_About this exercise:_ What lines of the listing below contain the word "spatial"? Copy each of them out.

_Available data:_
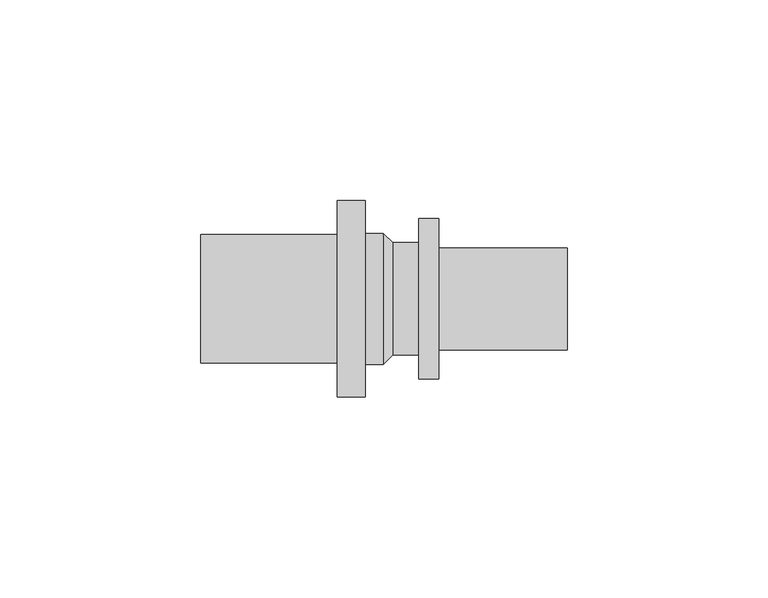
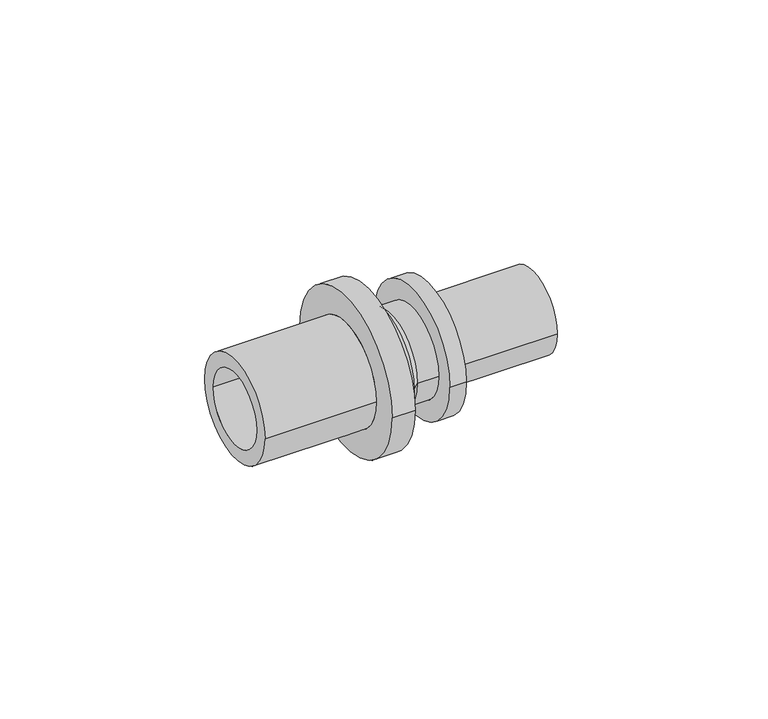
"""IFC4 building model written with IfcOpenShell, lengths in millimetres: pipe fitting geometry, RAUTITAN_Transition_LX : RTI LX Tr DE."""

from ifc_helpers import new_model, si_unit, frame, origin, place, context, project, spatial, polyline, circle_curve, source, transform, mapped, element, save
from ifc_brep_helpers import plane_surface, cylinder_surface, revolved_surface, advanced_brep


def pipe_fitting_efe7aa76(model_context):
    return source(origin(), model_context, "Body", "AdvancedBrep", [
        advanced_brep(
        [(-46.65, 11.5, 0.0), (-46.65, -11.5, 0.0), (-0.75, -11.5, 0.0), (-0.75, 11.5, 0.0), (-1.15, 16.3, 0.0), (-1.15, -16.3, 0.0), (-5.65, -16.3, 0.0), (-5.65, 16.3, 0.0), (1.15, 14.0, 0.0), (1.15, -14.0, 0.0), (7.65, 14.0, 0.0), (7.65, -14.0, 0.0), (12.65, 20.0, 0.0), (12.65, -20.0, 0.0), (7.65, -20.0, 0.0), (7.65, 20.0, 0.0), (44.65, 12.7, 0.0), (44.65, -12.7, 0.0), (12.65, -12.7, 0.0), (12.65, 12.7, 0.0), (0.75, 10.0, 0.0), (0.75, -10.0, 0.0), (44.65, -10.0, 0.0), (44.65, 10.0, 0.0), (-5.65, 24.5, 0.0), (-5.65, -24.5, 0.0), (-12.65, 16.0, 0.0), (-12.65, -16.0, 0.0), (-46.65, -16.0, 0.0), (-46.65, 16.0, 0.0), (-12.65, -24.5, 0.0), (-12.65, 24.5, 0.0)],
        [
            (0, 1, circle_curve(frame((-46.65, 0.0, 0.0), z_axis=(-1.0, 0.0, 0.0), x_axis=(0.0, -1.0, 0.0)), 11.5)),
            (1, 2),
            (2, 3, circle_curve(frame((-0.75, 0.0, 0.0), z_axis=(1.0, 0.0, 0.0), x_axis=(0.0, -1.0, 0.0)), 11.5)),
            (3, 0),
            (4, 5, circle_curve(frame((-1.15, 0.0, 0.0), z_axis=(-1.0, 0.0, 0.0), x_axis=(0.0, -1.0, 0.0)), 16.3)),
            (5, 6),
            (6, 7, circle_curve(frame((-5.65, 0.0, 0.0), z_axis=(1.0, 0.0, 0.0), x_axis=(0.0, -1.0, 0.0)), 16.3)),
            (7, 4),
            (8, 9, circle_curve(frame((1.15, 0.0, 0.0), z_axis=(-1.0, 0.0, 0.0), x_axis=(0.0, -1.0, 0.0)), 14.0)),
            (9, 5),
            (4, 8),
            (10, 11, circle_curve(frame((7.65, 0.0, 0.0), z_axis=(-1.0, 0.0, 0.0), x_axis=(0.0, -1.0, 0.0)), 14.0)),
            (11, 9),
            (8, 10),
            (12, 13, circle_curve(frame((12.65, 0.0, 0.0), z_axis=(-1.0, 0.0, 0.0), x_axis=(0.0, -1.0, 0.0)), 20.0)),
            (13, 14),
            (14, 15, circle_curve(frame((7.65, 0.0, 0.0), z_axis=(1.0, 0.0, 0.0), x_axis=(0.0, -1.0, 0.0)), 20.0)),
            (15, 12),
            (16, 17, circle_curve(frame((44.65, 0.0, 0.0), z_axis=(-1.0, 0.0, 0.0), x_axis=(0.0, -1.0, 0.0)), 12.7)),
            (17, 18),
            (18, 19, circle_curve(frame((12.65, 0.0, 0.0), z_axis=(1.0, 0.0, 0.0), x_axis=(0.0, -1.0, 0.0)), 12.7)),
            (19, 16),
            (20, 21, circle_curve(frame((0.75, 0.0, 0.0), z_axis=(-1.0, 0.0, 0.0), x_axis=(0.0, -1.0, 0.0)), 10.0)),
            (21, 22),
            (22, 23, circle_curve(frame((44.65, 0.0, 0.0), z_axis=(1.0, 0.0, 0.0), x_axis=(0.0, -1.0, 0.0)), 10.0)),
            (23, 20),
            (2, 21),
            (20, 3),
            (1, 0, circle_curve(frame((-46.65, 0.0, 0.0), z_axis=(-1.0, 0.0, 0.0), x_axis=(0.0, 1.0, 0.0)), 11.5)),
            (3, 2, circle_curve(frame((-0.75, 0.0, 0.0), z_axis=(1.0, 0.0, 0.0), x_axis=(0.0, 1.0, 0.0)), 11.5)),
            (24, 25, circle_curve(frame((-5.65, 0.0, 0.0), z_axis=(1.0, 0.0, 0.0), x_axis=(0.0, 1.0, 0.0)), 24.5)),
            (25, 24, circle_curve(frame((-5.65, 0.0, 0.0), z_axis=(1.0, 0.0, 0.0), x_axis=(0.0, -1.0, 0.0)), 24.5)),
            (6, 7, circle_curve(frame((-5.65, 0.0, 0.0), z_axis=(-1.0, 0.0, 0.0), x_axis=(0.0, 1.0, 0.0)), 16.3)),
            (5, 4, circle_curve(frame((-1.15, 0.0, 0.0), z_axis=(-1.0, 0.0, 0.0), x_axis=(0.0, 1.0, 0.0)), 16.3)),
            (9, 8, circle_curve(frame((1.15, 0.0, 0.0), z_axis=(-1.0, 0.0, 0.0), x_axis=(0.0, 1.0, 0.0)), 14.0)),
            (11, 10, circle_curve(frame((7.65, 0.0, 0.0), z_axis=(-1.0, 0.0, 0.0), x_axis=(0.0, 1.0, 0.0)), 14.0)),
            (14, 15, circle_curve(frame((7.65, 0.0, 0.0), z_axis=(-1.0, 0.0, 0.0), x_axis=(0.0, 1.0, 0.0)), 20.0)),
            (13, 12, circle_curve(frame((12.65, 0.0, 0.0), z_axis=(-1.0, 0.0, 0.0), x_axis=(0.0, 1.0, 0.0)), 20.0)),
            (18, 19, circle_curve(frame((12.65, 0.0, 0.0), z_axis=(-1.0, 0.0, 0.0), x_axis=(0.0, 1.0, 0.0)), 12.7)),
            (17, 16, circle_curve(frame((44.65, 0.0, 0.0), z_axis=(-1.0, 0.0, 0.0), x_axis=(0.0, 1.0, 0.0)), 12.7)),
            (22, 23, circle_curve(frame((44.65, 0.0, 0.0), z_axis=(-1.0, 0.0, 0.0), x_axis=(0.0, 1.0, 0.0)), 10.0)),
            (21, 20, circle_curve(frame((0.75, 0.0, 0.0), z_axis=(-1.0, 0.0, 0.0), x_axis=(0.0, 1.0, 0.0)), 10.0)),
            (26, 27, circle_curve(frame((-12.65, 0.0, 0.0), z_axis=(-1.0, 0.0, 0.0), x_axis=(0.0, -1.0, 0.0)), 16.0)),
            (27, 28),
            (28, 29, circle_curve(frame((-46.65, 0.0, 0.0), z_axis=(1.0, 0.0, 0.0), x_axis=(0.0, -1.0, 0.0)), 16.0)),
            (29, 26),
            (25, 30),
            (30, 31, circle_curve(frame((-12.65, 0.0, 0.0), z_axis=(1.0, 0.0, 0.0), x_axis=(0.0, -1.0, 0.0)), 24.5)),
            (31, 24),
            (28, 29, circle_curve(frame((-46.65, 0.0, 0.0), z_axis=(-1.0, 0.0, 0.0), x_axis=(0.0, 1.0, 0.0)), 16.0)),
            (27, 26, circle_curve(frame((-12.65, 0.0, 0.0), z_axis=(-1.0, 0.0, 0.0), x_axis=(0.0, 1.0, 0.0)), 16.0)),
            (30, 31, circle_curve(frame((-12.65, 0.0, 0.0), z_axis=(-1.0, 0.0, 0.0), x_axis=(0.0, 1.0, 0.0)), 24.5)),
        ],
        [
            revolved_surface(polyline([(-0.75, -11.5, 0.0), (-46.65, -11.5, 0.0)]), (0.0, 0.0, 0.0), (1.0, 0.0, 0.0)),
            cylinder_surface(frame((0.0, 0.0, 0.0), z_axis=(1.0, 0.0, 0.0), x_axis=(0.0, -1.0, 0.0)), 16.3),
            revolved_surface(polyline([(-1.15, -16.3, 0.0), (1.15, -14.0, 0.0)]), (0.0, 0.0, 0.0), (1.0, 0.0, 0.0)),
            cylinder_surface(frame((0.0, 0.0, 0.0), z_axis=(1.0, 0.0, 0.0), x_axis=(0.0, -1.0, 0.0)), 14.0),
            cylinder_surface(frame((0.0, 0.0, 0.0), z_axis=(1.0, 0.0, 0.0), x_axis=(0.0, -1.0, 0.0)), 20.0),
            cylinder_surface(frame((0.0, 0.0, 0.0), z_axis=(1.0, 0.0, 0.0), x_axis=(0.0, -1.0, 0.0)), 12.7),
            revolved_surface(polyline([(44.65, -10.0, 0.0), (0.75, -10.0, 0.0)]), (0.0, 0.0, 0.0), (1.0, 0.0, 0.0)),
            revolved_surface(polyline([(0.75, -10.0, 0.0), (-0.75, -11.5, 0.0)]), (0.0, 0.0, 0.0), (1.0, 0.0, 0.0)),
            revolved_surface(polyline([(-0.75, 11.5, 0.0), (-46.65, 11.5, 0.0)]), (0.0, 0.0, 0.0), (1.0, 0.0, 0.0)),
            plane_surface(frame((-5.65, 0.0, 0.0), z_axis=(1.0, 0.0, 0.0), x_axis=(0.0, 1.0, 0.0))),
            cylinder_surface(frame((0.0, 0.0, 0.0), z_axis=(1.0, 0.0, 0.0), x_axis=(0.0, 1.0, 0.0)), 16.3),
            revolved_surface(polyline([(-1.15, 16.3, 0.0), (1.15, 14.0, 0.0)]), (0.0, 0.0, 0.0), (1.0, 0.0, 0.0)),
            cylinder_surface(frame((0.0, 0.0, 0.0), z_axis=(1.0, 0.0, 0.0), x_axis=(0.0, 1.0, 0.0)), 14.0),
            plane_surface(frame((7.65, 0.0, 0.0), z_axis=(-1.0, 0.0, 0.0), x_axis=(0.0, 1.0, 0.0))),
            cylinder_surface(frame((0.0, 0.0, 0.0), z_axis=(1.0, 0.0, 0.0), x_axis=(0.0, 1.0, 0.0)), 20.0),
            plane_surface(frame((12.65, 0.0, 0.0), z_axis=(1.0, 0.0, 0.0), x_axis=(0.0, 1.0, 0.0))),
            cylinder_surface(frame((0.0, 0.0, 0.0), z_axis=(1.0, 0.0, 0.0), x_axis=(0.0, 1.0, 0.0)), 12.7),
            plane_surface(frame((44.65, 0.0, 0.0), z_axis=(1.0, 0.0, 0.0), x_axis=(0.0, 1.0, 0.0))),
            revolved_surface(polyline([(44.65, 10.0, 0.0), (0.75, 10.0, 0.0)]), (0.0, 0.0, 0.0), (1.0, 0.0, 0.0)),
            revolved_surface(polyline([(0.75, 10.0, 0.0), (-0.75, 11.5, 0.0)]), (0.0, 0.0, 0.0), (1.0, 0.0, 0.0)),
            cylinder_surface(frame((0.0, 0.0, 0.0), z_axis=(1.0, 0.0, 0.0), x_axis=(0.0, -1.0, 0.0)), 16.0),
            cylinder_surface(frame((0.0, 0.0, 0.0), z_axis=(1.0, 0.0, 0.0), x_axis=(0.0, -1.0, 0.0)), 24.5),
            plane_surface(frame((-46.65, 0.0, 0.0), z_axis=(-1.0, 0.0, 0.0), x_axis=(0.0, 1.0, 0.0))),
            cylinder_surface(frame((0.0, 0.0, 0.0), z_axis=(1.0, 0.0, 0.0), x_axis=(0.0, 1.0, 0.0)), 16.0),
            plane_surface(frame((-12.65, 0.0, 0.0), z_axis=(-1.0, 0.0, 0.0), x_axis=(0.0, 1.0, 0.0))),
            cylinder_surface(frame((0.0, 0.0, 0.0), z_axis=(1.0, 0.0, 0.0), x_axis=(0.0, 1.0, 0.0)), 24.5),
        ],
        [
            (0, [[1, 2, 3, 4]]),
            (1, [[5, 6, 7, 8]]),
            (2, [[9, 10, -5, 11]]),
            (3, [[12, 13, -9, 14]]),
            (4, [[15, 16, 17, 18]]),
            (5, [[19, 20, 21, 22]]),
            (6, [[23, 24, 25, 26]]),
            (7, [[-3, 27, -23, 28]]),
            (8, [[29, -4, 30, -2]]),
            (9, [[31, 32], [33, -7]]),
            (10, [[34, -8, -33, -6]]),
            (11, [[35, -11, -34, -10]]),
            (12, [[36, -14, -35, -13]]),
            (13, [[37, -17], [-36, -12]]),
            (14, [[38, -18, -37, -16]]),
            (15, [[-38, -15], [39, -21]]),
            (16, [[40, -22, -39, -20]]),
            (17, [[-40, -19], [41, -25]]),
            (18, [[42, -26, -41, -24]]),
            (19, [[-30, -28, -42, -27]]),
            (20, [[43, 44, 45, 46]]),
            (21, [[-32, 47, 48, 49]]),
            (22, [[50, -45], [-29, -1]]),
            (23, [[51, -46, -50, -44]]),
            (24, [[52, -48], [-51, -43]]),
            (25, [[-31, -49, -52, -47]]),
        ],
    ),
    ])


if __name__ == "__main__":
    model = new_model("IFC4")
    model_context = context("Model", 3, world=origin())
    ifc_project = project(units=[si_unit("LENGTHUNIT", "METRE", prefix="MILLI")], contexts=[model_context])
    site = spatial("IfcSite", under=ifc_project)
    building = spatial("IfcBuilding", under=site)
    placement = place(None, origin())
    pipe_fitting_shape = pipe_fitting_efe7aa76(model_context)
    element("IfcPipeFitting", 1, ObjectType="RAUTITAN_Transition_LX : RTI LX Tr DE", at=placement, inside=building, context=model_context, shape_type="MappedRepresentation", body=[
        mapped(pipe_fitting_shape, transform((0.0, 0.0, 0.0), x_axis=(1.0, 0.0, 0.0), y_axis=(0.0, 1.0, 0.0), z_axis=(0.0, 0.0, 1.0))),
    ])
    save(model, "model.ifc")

_Problem solution:_
from ifc_helpers import new_model, si_unit, frame, origin, place, context, project, spatial, polyline, circle_curve, source, transform, mapped, element, save
    site = spatial("IfcSite", under=ifc_project)
    building = spatial("IfcBuilding", under=site)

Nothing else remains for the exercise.